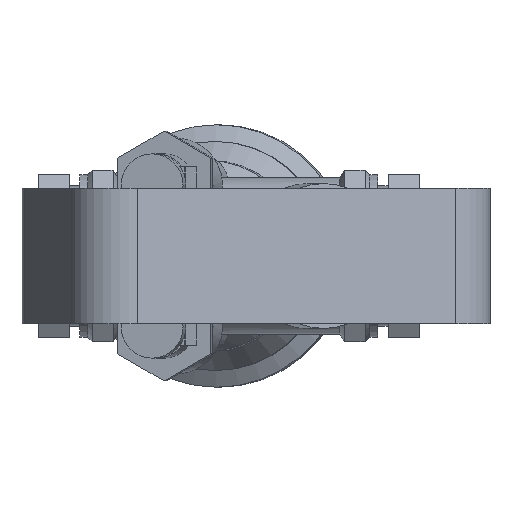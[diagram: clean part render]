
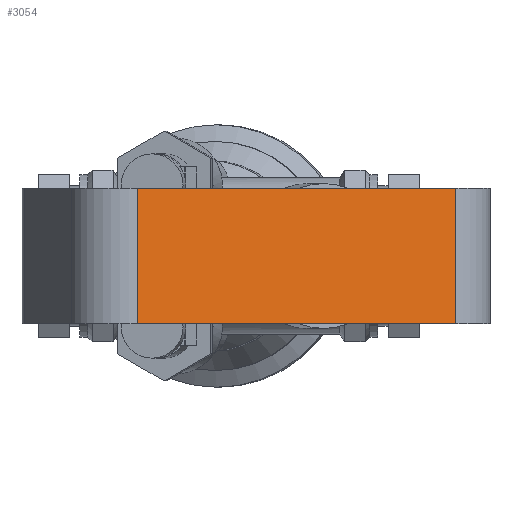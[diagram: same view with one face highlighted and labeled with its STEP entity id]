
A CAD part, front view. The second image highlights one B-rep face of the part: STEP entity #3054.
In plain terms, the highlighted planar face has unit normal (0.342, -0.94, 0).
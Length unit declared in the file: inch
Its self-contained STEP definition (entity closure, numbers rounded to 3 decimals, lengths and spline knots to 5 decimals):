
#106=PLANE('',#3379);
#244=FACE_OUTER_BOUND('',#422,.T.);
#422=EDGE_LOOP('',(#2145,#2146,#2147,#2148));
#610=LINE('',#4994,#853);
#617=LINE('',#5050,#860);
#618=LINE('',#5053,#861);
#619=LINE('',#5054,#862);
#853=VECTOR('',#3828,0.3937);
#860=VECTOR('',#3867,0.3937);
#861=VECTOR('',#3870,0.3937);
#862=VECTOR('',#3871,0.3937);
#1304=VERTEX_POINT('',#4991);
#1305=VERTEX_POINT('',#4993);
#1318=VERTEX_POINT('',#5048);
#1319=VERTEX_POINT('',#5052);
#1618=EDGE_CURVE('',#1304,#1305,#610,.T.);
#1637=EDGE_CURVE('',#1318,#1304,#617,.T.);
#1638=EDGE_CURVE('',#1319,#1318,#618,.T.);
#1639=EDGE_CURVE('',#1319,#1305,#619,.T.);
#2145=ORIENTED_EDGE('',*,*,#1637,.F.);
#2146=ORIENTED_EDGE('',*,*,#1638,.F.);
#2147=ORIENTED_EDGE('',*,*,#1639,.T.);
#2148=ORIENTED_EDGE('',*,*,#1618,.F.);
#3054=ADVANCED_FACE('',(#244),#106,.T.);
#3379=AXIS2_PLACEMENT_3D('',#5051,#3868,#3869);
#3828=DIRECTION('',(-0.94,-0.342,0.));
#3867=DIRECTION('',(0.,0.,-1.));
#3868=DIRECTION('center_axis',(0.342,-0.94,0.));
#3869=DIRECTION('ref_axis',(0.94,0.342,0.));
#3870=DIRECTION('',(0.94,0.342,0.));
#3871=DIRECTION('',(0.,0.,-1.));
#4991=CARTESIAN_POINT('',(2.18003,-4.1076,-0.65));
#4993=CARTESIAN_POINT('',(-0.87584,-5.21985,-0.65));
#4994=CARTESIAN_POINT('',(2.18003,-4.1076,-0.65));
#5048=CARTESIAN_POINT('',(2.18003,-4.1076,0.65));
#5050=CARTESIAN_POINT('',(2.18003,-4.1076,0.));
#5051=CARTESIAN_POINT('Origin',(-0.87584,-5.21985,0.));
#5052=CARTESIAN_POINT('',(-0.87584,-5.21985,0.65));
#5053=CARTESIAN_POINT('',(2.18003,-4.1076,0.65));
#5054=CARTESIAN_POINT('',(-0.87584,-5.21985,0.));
^^^^^^^^^^^^^^^^
EXERCISE REQUIREMENTS
Your copy should match the listing exactly, apart from the pictures it leaves out.

EXERCISE RESULT
[diagram: clean part render]
[diagram: same view with one face highlighted and labeled with its STEP entity id]
A CAD part, front view. The second image highlights one B-rep face of the part: STEP entity #3054.
In plain terms, the highlighted planar face has unit normal (0.342, -0.94, 0).
Length unit declared in the file: inch
Its self-contained STEP definition (entity closure, numbers rounded to 3 decimals, lengths and spline knots to 5 decimals):
#106=PLANE('',#3379);
#244=FACE_OUTER_BOUND('',#422,.T.);
#422=EDGE_LOOP('',(#2145,#2146,#2147,#2148));
#610=LINE('',#4994,#853);
#617=LINE('',#5050,#860);
#618=LINE('',#5053,#861);
#619=LINE('',#5054,#862);
#853=VECTOR('',#3828,0.3937);
#860=VECTOR('',#3867,0.3937);
#861=VECTOR('',#3870,0.3937);
#862=VECTOR('',#3871,0.3937);
#1304=VERTEX_POINT('',#4991);
#1305=VERTEX_POINT('',#4993);
#1318=VERTEX_POINT('',#5048);
#1319=VERTEX_POINT('',#5052);
#1618=EDGE_CURVE('',#1304,#1305,#610,.T.);
#1637=EDGE_CURVE('',#1318,#1304,#617,.T.);
#1638=EDGE_CURVE('',#1319,#1318,#618,.T.);
#1639=EDGE_CURVE('',#1319,#1305,#619,.T.);
#2145=ORIENTED_EDGE('',*,*,#1637,.F.);
#2146=ORIENTED_EDGE('',*,*,#1638,.F.);
#2147=ORIENTED_EDGE('',*,*,#1639,.T.);
#2148=ORIENTED_EDGE('',*,*,#1618,.F.);
#3054=ADVANCED_FACE('',(#244),#106,.T.);
#3379=AXIS2_PLACEMENT_3D('',#5051,#3868,#3869);
#3828=DIRECTION('',(-0.94,-0.342,0.));
#3867=DIRECTION('',(0.,0.,-1.));
#3868=DIRECTION('center_axis',(0.342,-0.94,0.));
#3869=DIRECTION('ref_axis',(0.94,0.342,0.));
#3870=DIRECTION('',(0.94,0.342,0.));
#3871=DIRECTION('',(0.,0.,-1.));
#4991=CARTESIAN_POINT('',(2.18003,-4.1076,-0.65));
#4993=CARTESIAN_POINT('',(-0.87584,-5.21985,-0.65));
#4994=CARTESIAN_POINT('',(2.18003,-4.1076,-0.65));
#5048=CARTESIAN_POINT('',(2.18003,-4.1076,0.65));
#5050=CARTESIAN_POINT('',(2.18003,-4.1076,0.));
#5051=CARTESIAN_POINT('Origin',(-0.87584,-5.21985,0.));
#5052=CARTESIAN_POINT('',(-0.87584,-5.21985,0.65));
#5053=CARTESIAN_POINT('',(2.18003,-4.1076,0.65));
#5054=CARTESIAN_POINT('',(-0.87584,-5.21985,0.));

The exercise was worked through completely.